Get an Objective Definition of “Opportunities”

Determining win rates—particularly the ratio of closed-won opportunities to created opportunities—is complicated because there is no industry standard to measure it.

All companies agree about how to define closed-won opportunities: a customer signed an agreement and paid. The definition of created opportunities, however, is less scientific from company to company—and even sometimes from sales rep to sales rep.

To create an objective definition for “sales opportunities” at ZoomInfo, Chris Hays took this approach:

“If a demo is of a certain quality according to the scoring model, the demo is considered an opportunity,” he says.

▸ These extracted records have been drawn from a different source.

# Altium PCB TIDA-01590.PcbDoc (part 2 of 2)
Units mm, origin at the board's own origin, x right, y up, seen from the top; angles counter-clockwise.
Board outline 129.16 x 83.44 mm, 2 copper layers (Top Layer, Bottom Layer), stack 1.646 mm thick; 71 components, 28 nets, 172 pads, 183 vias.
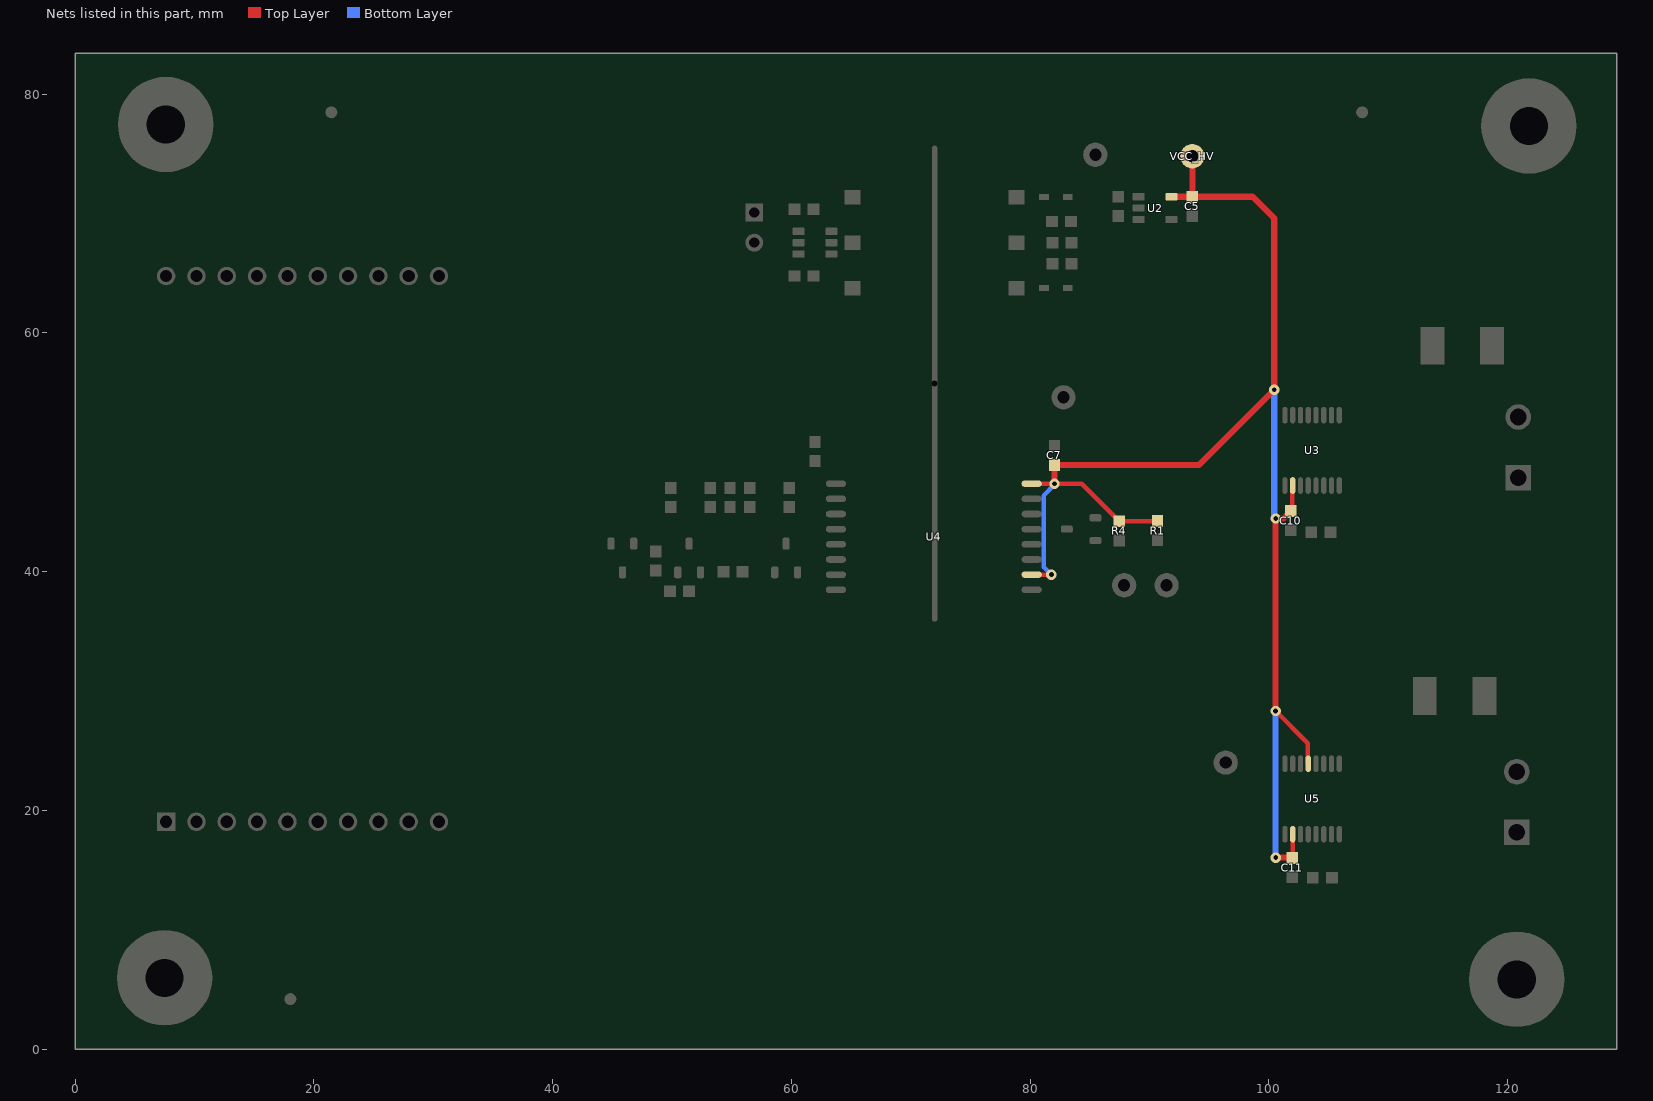
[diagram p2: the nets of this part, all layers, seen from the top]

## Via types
v1: diameter 0.864, hole 0.406, Top Layer to Bottom Layer, tented both sides, 182 vias
v2: diameter 0.965, hole 0.508, Top Layer to Bottom Layer, tented both sides, 1 vias

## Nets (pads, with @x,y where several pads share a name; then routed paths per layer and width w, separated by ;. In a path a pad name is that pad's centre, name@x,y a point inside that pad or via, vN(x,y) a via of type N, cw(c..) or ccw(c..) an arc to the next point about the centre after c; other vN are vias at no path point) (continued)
VCC_HV: C5.1 C7.2 C10.1 C11.1 R1.2 R4.2 U2.5 U3.10 U4.10 U4.16 U5.5 U5.10 VCC_HV.1 | length 123.1
  Top Layer w0.254: 84.328,47.355 84.328,47.371 ; R1.2@90.667,44.223 R1.2@90.678,44.234
  Top Layer w0.381: U4.10@80.209,39.751 v1(81.788,39.751) ; U4.16@80.391,47.371 v1(82.042,47.371) 84.328,47.371 ; 84.328,47.355 R4.2@87.46,44.223 R1.2@90.667,44.223 ; v1(100.575,28.321) 103.276,25.62 103.276,23.936 U5.5@103.307,23.905 ; C10.1@101.854,45.085 101.976,45.207 101.976,47.184 U3.10@102.007,47.215 ; C11.1@101.939,16.044 102.007,16.112 U5.10@102.007,18.005 U5.10@101.981,17.979
  Top Layer w0.508: v1(82.042,47.371) C7.2@82.042,48.946 94.158,48.946 v1(100.457,55.245) 100.457,69.596 98.641,71.412 C5.1@93.599,71.412 ; U2.5@91.853,71.409 93.596,71.409 C5.1@93.599,71.412 ; VCC_HV.1@93.599,74.803 C5.1@93.599,71.412 ; v1(100.575,28.321) 100.575,44.441 v1(100.584,44.45) 101.219,44.45 C10.1@101.854,45.085 ; v1(100.584,16.044) C11.1@101.939,16.044
  Bottom Layer w0.381: v1(81.788,39.751) 81.153,40.386 81.153,46.379 82.042,47.268 v1(82.042,47.371)
  Bottom Layer w0.508: v1(100.457,55.245) 100.457,44.577 v1(100.584,44.45) ; v1(100.575,28.321) 100.575,16.053 v1(100.584,16.044)
pads on no net: D3.2 D4.2 D5.2 FID1.1 FID2.1 FID3.1 H1.1 H2.1 H3.1 H4.1 H8.0 J4.2 J4.3 J4.4 J4.6 J4.7 J4.8 J5.11 J5.12 J5.13 J5.14 J5.15 J5.16 J5.17 J5.18 J5.19 U2.3 U2.4 U3.12 U3.13 U5.12 U5.13

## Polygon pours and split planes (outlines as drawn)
NetJ3_1 on Top Layer "TOP_LAYER_NETJ3_1_P154" (solid, remove dead copper, pour order 154): 104.394,20.667 104.394,16.222 104.394,15.658 104.394,9.525 105.156,8.763 105.881,8.038 120.04,8.038 124.841,14.039 124.841,20.667
NetF1_2 on Top Layer "TOP_LAYER_NETF1_2_P149" (solid, remove dead copper, pour order 149): 104.267,50.165 115.951,50.165 115.951,66.294 105.664,66.294 104.267,64.897
NetF1_1 on Top Layer "TOP_LAYER_NETF1_1_P147" (solid, remove dead copper, pour order 147): 115.951,50.292 124.841,50.292 124.841,65.165 123.917,66.294 115.951,66.294
NetJ2_1 on Top Layer "TOP_LAYER_NETJ2_1_P135" (solid, remove dead copper, pour order 135): 104.394,50.094 104.394,45.649 104.394,45.085 104.394,38.862 105.791,37.465 120.04,37.465 124.841,43.466 124.841,50.094
GND_HV on Top Layer "TOP_LAYER_GND_HV_P140" (solid, remove dead copper, pour order 140): 78.232,73.66 78.232,65.405 79.629,63.881 81.534,61.976 98.425,61.976 99.441,62.865 100.076,63.5 100.076,73.787 98.044,75.819 81.471,75.819
GND on Top Layer "TOP_LAYER_GND_P139" (solid, remove dead copper, pour order 139): 38.735,33.755 38.735,50.165 43.18,54.61 62.23,54.61 63.119,53.721 64.262,52.578 64.262,33.685 60.745,30.988 42.259,30.988
GND_HV on Top Layer "TOP_LAYER_GND_HV_P132" (solid, remove dead copper, pour order 132): 101.981,59.055 82.169,59.055 79.629,56.515 79.629,17.246 88.71,8.001 102.616,8.001 104.14,9.525 104.14,56.896
GND on Top Layer "TOP_LAYER_GND_P138" (solid, remove dead copper, pour order 138): 38.735,74.168 38.735,62.103 43.18,57.658 61.468,57.658 62.865,59.055 64.262,60.452 64.262,73.533 64.008,73.787 61.976,75.819 40.386,75.819
NetF2_1 on Top Layer "TOP_LAYER_NETF2_1_P131" (solid, remove dead copper, pour order 131): 115.951,20.701 124.841,20.701 124.841,35.701 123.917,36.83 115.951,36.83
NetF2_2 on Top Layer "TOP_LAYER_NETF2_2_P148" (solid, remove dead copper, pour order 148): 104.14,20.701 115.951,20.701 115.951,36.83 105.791,36.83 104.14,35.179
NetJ3_1 on Bottom Layer "BOTTOM_LAYER_NETJ3_1_P153" (solid, remove dead copper, pour order 153): 104.394,20.574 104.394,16.222 104.394,15.658 104.394,9.525 105.881,8.038 120.04,8.038 124.841,14.039 124.841,20.574
NetF1_1 on Bottom Layer "BOTTOM_LAYER_NETF1_1_P150" (solid, remove dead copper, pour order 150): 115.951,50.292 124.841,50.292 124.841,65.165 123.917,66.294 115.951,66.294
NetF1_2 on Bottom Layer "BOTTOM_LAYER_NETF1_2_P151" (solid, remove dead copper, pour order 151): 104.267,50.165 115.951,50.165 115.951,66.294 105.664,66.294 104.267,64.897
GND_HV on Bottom Layer "BOTTOM_LAYER_GND_HV_P141" (solid, remove dead copper, pour order 141): 81.47,75.819 96.647,75.819 100.33,72.136 100.33,63.754 99.441,62.865 98.425,61.976 81.534,61.976 80.846,62.664 79.756,63.754 78.232,65.405 78.232,73.66
GND on Bottom Layer "BOTTOM_LAYER_GND_P137" (solid, remove dead copper, pour order 137): 38.735,33.756 38.735,50.165 43.18,54.61 62.23,54.61 64.262,52.578 64.262,33.685 60.745,30.988 42.219,30.988
GND on Bottom Layer "BOTTOM_LAYER_GND_P136" (solid, remove dead copper, pour order 136): 43.18,57.658 61.468,57.658 62.865,59.055 64.262,60.452 64.262,73.533 64.008,73.787 61.976,75.819 40.386,75.819 38.735,74.168 38.735,62.103
NetJ2_1 on Bottom Layer "BOTTOM_LAYER_NETJ2_1_P143" (solid, remove dead copper, pour order 143): 104.394,50.094 104.394,45.649 104.394,45.085 104.394,38.862 105.791,37.465 120.04,37.465 124.841,43.466 124.841,50.094
NetF2_2 on Bottom Layer "BOTTOM_LAYER_NETF2_2_P146" (solid, remove dead copper, pour order 146): 104.14,20.701 115.951,20.701 115.951,36.83 105.791,36.83 104.14,35.179
NetF2_1 on Bottom Layer "BOTTOM_LAYER_NETF2_1_P144" (solid, remove dead copper, pour order 144): 115.951,20.701 124.841,20.701 124.841,35.701 123.917,36.83 115.951,36.83
GND_HV on Bottom Layer "BOTTOM_LAYER_GND_HV_P133" (solid, remove dead copper, pour order 133): 101.981,59.055 82.169,59.055 79.635,56.521 79.635,17.231 88.701,8.001 102.616,8.001 104.146,9.531 104.146,56.89

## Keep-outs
Keep-Out Layer:
  text ".Layer_Name" at 14.656,-24.346 h1.52

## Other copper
Top Layer:
  text ".Layer_Name" at 14.656,-24.346 h1.52
Bottom Layer:
  text ".Layer_Name" at 14.656,-24.346 h1.52

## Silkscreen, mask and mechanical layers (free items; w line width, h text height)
Top Overlay:
  region: 73.66,10.287 66.04,10.287 66.04,7.747 73.66,7.747
  lines w0.381: 126.111,47.879 127.127,47.879 ; 126.238,17.907 127.254,17.907 ; 126.619,41.275 127.254,40.64 ; 126.619,52.451 125.984,53.086 ; 126.619,53.721 125.984,53.086 ; 126.746,11.303 127.381,10.668 ; 126.746,22.479 126.111,23.114 ; 126.746,23.749 126.111,23.114 ; 127.127,65.278 127.127,53.086 125.984,53.086 ; 127.254,35.306 127.254,23.114 126.111,23.114 ; 127.254,47.752 127.254,40.64 ; 127.381,17.78 127.381,10.668 ; 127.889,41.275 127.254,40.64 ; 128.016,11.303 127.381,10.668
  text "GND" at 51.308,69.469 h1.85
  text "3.3 V" at 51.308,66.929 h1.85
  text "HV DC BUS" at 117.602,65.405 h1.85
  text "IN+" at 106.934,52.578 h1.85
  text "IN-" at 106.934,46.482 h1.85
  text "LOAD" at 122.301,39.116 h1.85
  text "HV DC BUS" at 117.602,35.56 h1.85
  text "IN+" at 106.934,23.368 h1.85
  text "IN-" at 106.934,17.272 h1.85
  text "SCL" at 28.575,12.954 h1.85 r90
  text "SDA" at 31.115,12.827 h1.85 r90
  text "ALERT" at 18.415,10.795 h1.85 r90
  text "LOAD" at 121.793,10.16 h1.85
  text ".Layer_Name" at 14.656,-24.346 h1.52
Bottom Overlay:
  text ".Layer_Name" at 14.656,-24.346 h1.52
Top Paste:
  text ".Layer_Name" at 14.656,-24.346 h1.52
Bottom Paste:
  text ".Layer_Name" at 14.656,-24.346 h1.52
Top Solder:
  text ".Layer_Name" at 14.656,-24.346 h1.52
  text ".Layer_Name" at 14.656,-24.346 h1.52
Bottom Solder:
  text ".Layer_Name" at 14.656,-24.346 h1.52
Drill Guide:
  text ".Layer_Name" at 14.656,-24.346 h1.52
M1 Board Outline:
  the board outline again, w0.254
  text ".Layer_Name" at 14.656,-24.346 h1.52
M2 Board Dimensions:
  rectangle: 3.175,-12.7 12.7,-9.525
  rectangle: 0,-9.525 3.175,-6.35
  lines w0.178: 0,-9.525 25.4,-9.525 ; 3.175,-12.7 3.175,-6.35 ; 6.35,-12.7 6.35,-6.35 ; 12.7,-12.7 12.7,-6.35 ; 19.05,-12.7 19.05,-6.35 ; 0,-12.7 0,-6.35 25.4,-6.35 25.4,-12.7 0,-12.7
  text ".Layer_Name" at 14.656,-24.346 h1.52
M3 3D STEP Top:
  text ".Layer_Name" at 14.656,-24.346 h1.52
M4 3D STEP Bottom:
  text ".Layer_Name" at 14.656,-24.346 h1.52
M5 Assembly Top:
  lines w0.254: -7.417,-26.166 160.223,-26.166 ; -7.417,-21.002 160.274,-21.002 ; -7.417,-15.837 -7.417,-31.331 94.31,-31.331 160.274,-31.331 160.274,-15.837 -7.404,-15.837 -7.404,-31.331 32.614,-31.331 ; 55.194,-31.331 55.194,-15.837 ; 87.376,-21.002 87.376,-15.837 ; 108.712,-21.002 108.712,-15.837 ; 124.511,-31.496 124.511,-26.344
  text "COMPONENTS MARKED 'DNP' SHOULD NOT BE POPULATED." at 29.299,-10.63 h1.52
  text "ASSEMBLY VARIANT:" at 29.286,-13.564 h1.52
  text ".VariantName" at 55.601,-13.564 h1.52
  text "PCB VIEWED FROM TOP SIDE" at -5.804,-19.194 h1.52
  text "BOARD #:" at 57.099,-19.194 h1.52
  text ".PRJ_Number" at 70.955,-19.194 h1.52
  text "REV:" at 92.405,-19.194 h1.52
  text ".PCB_Rev" at 99.809,-19.194 h1.52
  text "SVN REV:" at 113.69,-19.194 h1.52
  text ".VersionControl_RevNumber" at 126.543,-19.194 h1.52
  text "TID #:" at 57.099,-24.359 h1.52
  text ".TID" at 70.955,-24.359 h1.52
  text "PLOT NAME =" at -5.804,-29.574 h1.52
  text ".plot_File_Name" at 14.656,-29.574 h1.52
  text "GENERATED    :" at 57.15,-29.574 h1.52
  text ".Print_Date" at 79.235,-29.574 h1.52
  text ".Print_Time" at 97.752,-29.574 h1.52
  text "TEXAS INSTRUMENTS" at 129.87,-29.574 h1.52
M6 Assembly Bottom:
  lines w0.254: -7.429,-21.014 160.261,-21.014 ; -7.379,-26.179 160.261,-26.179 ; 28.334,-31.509 28.334,-26.357 ; 44.133,-21.014 44.133,-15.85 ; 65.468,-21.014 65.468,-15.85 ; 97.65,-31.344 97.65,-15.85 ; 120.231,-31.344 160.249,-31.344 160.249,-15.85 -7.429,-15.85 -7.429,-31.344 58.534,-31.344 160.261,-31.344 160.261,-15.85
  text "COMPONENTS MARKED 'DNP' SHOULD NOT BE POPULATED." at 154.991,-10.617 h1.52
  text ".VariantName" at 128.473,-13.564 h1.52
  text "ASSEMBLY VARIANT:" at 154.864,-13.564 h1.52
  text ".VersionControl_RevNumber" at 26.302,-19.207 h1.52
  text "SVN REV:" at 39.154,-19.207 h1.52
  text ".PCB_Rev" at 53.035,-19.207 h1.52
  text "REV:" at 60.439,-19.207 h1.52
  text ".PRJ_Number" at 81.89,-19.207 h1.52
  text "BOARD #:" at 95.745,-19.207 h1.52
  text "PCB VIEWED FROM BOTTOM SIDE" at 158.648,-19.207 h1.52
  text ".TID" at 81.89,-24.371 h1.52
  text "TID #:" at 95.745,-24.371 h1.52
  text "TEXAS INSTRUMENTS" at 22.974,-29.587 h1.52
  text ".Print_Time" at 55.093,-29.587 h1.52
  text ".Print_Date" at 73.609,-29.587 h1.52
  text "GENERATED    :" at 95.694,-29.587 h1.52
  text ".plot_File_Name" at 138.189,-29.587 h1.52
  text "PLOT NAME =" at 158.648,-29.587 h1.52
M9 Title Sheet:
  drawing of 57 lines, arcs and shapes, not listed
  text "1" at 18.792,201.587 h1.78
  text "2" at 82.182,201.587 h1.78
  text "3" at 145.411,201.587 h1.78
  text "4" at 209.08,201.587 h1.78
  text "5" at 272.555,201.587 h1.78
  text "6" at 336.182,201.587 h1.78
  text "A" at -10.579,172.555 h1.78
  text "A" at 365.341,172.555 h1.78
  text "B" at -10.579,112.103 h1.78
  text "B" at 365.341,112.103 h1.78
  text "C" at -10.579,51.778 h1.78
  text "C" at 365.341,51.778 h1.78
  text "PROJECT TITLE:" at 288.125,4.508 h1.14
  text ".PRJ_Title" at 289.395,1.122 h1.78
  text "DESIGNED FOR:" at 288.125,-3.137 h1.14
  text ".PRJ_Customer" at 289.395,-6.693 h1.78
  text "D" at -10.579,-8.42 h1.78
  text "D" at 365.341,-8.42 h1.78
  text "FILE NAME:" at 288.125,-10.757 h1.14
  text ".PCB_File_Name_No_Path" at 289.395,-13.805 h1.78
  text "Texas Instruments (TI) and/or its licensors do not warrant the accuracy or completeness of this specification" at 161.9,-17.916 h1.14
  text "ENGINEER:" at 288.125,-18.123 h1.14
  text "LAYOUT BY:" at 326.352,-18.123 h1.14
  text "or any information contained therein. TI and/or its licensors do not warrant that this design will meet" at 160.757,-20.777 h1.14
  text ".PRJ_Engineer" at 289.395,-22.06 h1.78
  text ".PCB_Layout" at 327.635,-22.06 h1.78
  text "the specifications, will be suitable for your application or fit for any particular purpose, or will operate in" at 160.757,-23.639 h1.14
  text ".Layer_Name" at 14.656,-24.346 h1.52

An opportunity is a qualified prospect with a high chance of closing, meaning they have a problem your product can fix, they can afford the product you’re offering, and they’re in a position to make a purchase decision.

This definition has remained consistent across ZoomInfo.

And this is important because the best way to understand account executive (AE) performance is to understand how they perform against leads that are provided to them. If two account executives both get 10 A+ demos and one closes two of them for $1M of ACV, and the other closes eight for $400K, then you know how to coach (your second AE needs to learn how to sell value and your first rep needs to figure out velocity).

Focus on Leads With the Highest Likelihood to Convert to Demos

ZoomInfo generates 15,000 hot leads per month, and many of those are not routed to reps. However, low-scoring leads are not entirely abandoned. Instead, some of the low scorers get picked up by the outbound demand generation team, which puts those leads into persona buckets (for example, VPs of sales, directors of marketing, regional sales managers, directors of sales operations, directors of talent acquisition), wraps campaigns around them and proactively markets out to that group.

“We’re continually going back and taking data from the ZoomInfo platform, augmenting it, supplementing it, rescoring it, and doing re-engagement campaigns,” Hays remarks.

Results: ZoomInfo’s Win Rate Boosted by Data

When sales leaders use a scoring model to prioritize leads, and additionally, develop demo routing rules that interact with the same model, account executives increase their productivity. 

“For ZoomInfo, the sales intelligence behind its scoring model led to a 130 percent increase in our win rate,” says Hays.